Мне он доверял безоговорочно, и это нас сблизило. Эйфорию предперестроечного периода в развитии мы разделяли обоюдно, но каждый со своими нюансами, а потому были интересны друг другу. Помню, как бурно мы обсуждали списки кандидатов в первый выбираемый Верховный совет, ходящие по институту, подчеркивая и вычеркивая "своих" и "чужих". Это было увлекательное время...
       
Помню, как в нашем Кунцевском районе( где я жила в те годы) выдвигался впервые Руцкой, ездил со свитой на танке по ул. Толбухина и зажигательно орал в рупор. Внешность и военная стать его импонировали многим, и тогда, накануне выборов, мы с соседкой вечером обошли весь наш околоток, включая и школу с избирательным участком, обклеивая его листовками, написанными от руки крупными печатными буквами.
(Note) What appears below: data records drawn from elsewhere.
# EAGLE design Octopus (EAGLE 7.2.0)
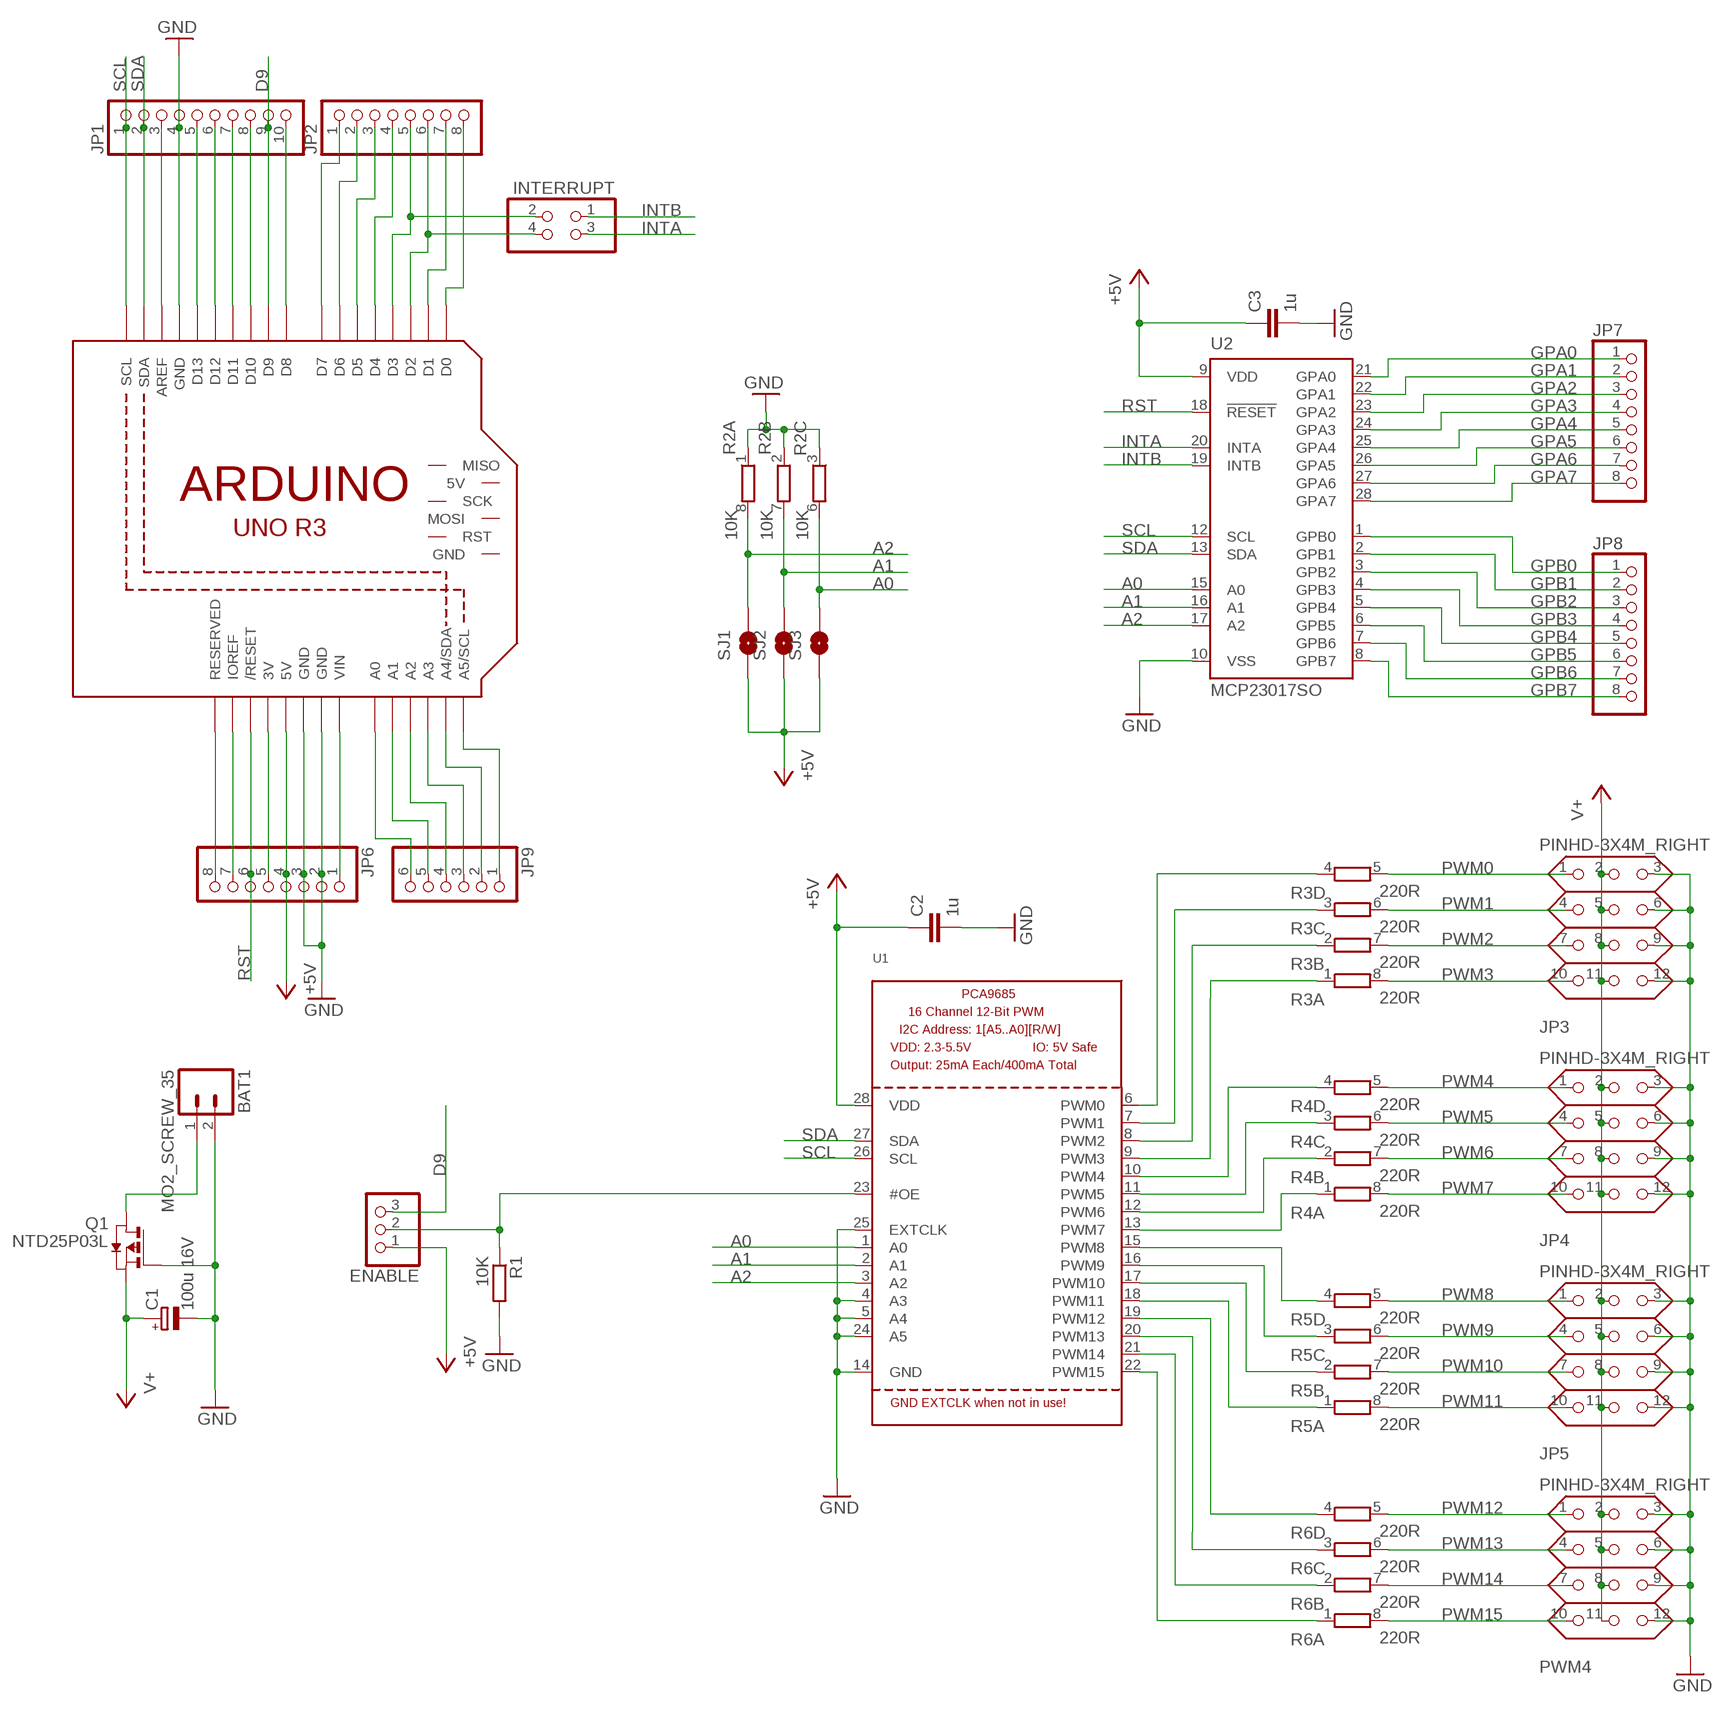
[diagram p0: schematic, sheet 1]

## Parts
BAT1  MO2_SCREW_35  [SCREWTERMINAL-3.5MM-2-NS]
C1  100u 16V  CPOLPANASONIC_E  [PANASONIC_E]
C2  1u  C0805  [C0805]
C3  1u  C0805  [C0805]
ENABLE  PINHD-1X3  [1X03M]
INTERRUPT  PINHD-2X2  [2X02M]
JP1  PINHD-1X10F_LONG  [1X10F_LONG]
JP2  PINHD-1X8F_LONG  [1X08F_LONG]
JP3  PINHD-3X4M_RIGHT  [3X04M_RIGHT]
JP4  PINHD-3X4M_RIGHT  [3X04M_RIGHT]
JP5  PINHD-3X4M_RIGHT  [3X04M_RIGHT]
JP6  PINHD-1X8F_LONG  [1X08F_LONG]
JP7  PINHD-1X81X08M_RIGHT  [1X08M_RIGHT]
JP8  PINHD-1X81X08M_RIGHT  [1X08M_RIGHT]
JP9  PINHD-1X6F_LONG  [1X06F_LONG]
M1  ARDUINO_R3_ICSP  [ARDUINOR3_ICSP]
PWM4  PINHD-3X4M_RIGHT  [3X04M_RIGHT]
Q1  NTD25P03L  [DPACK_2]
R1  10K  R0805  [R0805]
R2  10K  RESISTOR-ARRAY0603-ARV  [R0603X4]
R3  220R  RESISTOR-ARRAY0603-ARV  [R0603X4]
R4  220R  RESISTOR-ARRAY0603-ARV  [R0603X4]
R5  220R  RESISTOR-ARRAY0603-ARV  [R0603X4]
R6  220R  RESISTOR-ARRAY0603-ARV  [R0603X4]
SJ1  JUMPER-PAD-2-NOYES_SILK  [PAD-JUMPER-2-NO_YES_SILK]
SJ2  JUMPER-PAD-2-NOYES_SILK  [PAD-JUMPER-2-NO_YES_SILK]
SJ3  JUMPER-PAD-2-NOYES_SILK  [PAD-JUMPER-2-NO_YES_SILK]
U1  PCA9685  [TSSOP28]
U2  MCP23017SO  [SO28W]

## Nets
+5V: C2.1 C3.1 ENABLE.1 JP6.4 M1.5V SJ1.1 SJ2.1 SJ3.1 U1.28(VDD) U2.9(VDD)
A0: R2.6 SJ3.2 U1.1(A0) U2.15(A0)
A1: R2.7 SJ2.2 U1.2(A1) U2.16(A1)
A2: R2.8 SJ1.2 U1.3(A2) U2.17(A2)
D9: ENABLE.3 JP1.9 M1.D9
GND: BAT1.2 C1.- C2.2 C3.2 JP1.4 JP3.3 JP3.6 JP3.9 JP3.12 JP4.3 JP4.6 JP4.9 JP4.12 JP5.3 JP5.6 JP5.9 JP5.12 JP6.2 JP6.3 M1.GND M1.GND@1(GND) M1.GND@2(GND) PWM4.3 PWM4.6 PWM4.9 PWM4.12 Q1.G R1.2 R2.1 R2.2 R2.3 U1.4(A3) U1.5(A4) U1.14(GND) U1.24(A5) U1.25(EXTCLK) U2.10(VSS)
GPA0: JP7.1 U2.21(GPA0)
GPA1: JP7.2 U2.22(GPA1)
GPA2: JP7.3 U2.23(GPA2)
GPA3: JP7.4 U2.24(GPA3)
GPA4: JP7.5 U2.25(GPA4)
GPA5: JP7.6 U2.26(GPA5)
GPA6: JP7.7 U2.27(GPA6)
GPA7: JP7.8 U2.28(GPA7)
GPB0: JP8.1 U2.1(GPB0)
GPB1: JP8.2 U2.2(GPB1)
GPB2: JP8.3 U2.3(GPB2)
GPB3: JP8.4 U2.4(GPB3)
GPB4: JP8.5 U2.5(GPB4)
GPB5: JP8.6 U2.6(GPB5)
GPB6: JP8.7 U2.7(GPB6)
GPB7: JP8.8 U2.8(GPB7)
INTA: INTERRUPT.3 U2.20(INTA)
INTB: INTERRUPT.1 U2.19(INTB)
N$1: R3.4 U1.6(PWM0)
N$2: R3.3 U1.7(PWM1)
N$3: R3.2 U1.8(PWM2)
N$4: R3.1 U1.9(PWM3)
N$5: R4.4 U1.10(PWM4)
N$6: R4.3 U1.11(PWM5)
N$7: R4.2 U1.12(PWM6)
N$8: R4.1 U1.13(PWM7)
N$9: R5.4 U1.15(PWM8)
N$10: R5.3 U1.16(PWM9)
N$11: R5.2 U1.17(PWM10)
N$12: R5.1 U1.18(PWM11)
N$13: R6.4 U1.19(PWM12)
N$14: R6.3 U1.20(PWM13)
N$15: R6.2 U1.21(PWM14)
N$16: R6.1 U1.22(PWM15)
N$17: JP1.3 M1.AREF
N$18: JP1.5 M1.D13
N$19: BAT1.1 Q1.D
N$20: JP1.6 M1.D12
N$21: JP1.7 M1.D11
N$22: JP1.8 M1.D10
N$23: JP1.10 M1.D8
N$24: JP2.1 M1.D7
N$25: JP2.2 M1.D6
N$26: JP2.3 M1.D5
N$27: JP2.4 M1.D4
N$28: JP2.7 M1.D1
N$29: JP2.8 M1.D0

Самое веселое было сочинять тексты, мы не повторялись почти, и чего в них только не было. Уж не помню дословно, но "усы и сапоги" мы обыграли, как и "душку - военного"... И он у нас не прошел! Позже просочился по другому округу, пошел вверх, упал вниз дальше некуда, но был помилован, и до сих пор не бедствует... Черт с ним...
 
...Непродолжительные наши беседы с Женей проходили за традиционной чашкой кофе в институтском буфете, пока я не поменяла место работы и больше в институте не появлялась...
А институт по обучению коммунизму изгоев мирового сообщества рухнул, преобразовался впоследствие в Фонд Горбачева, потом в - Финансовую академию( оставив что-то и для Фонда). Преподаватели марксизма-ленинизма срочно переквалифицировались в социологов, историков, экономистов же пришлось набирать, так что многие работу свою потеряли.
Женя остался в институте, тогда я не знала, в каком качестве. Сначала позванивал, потом перестал.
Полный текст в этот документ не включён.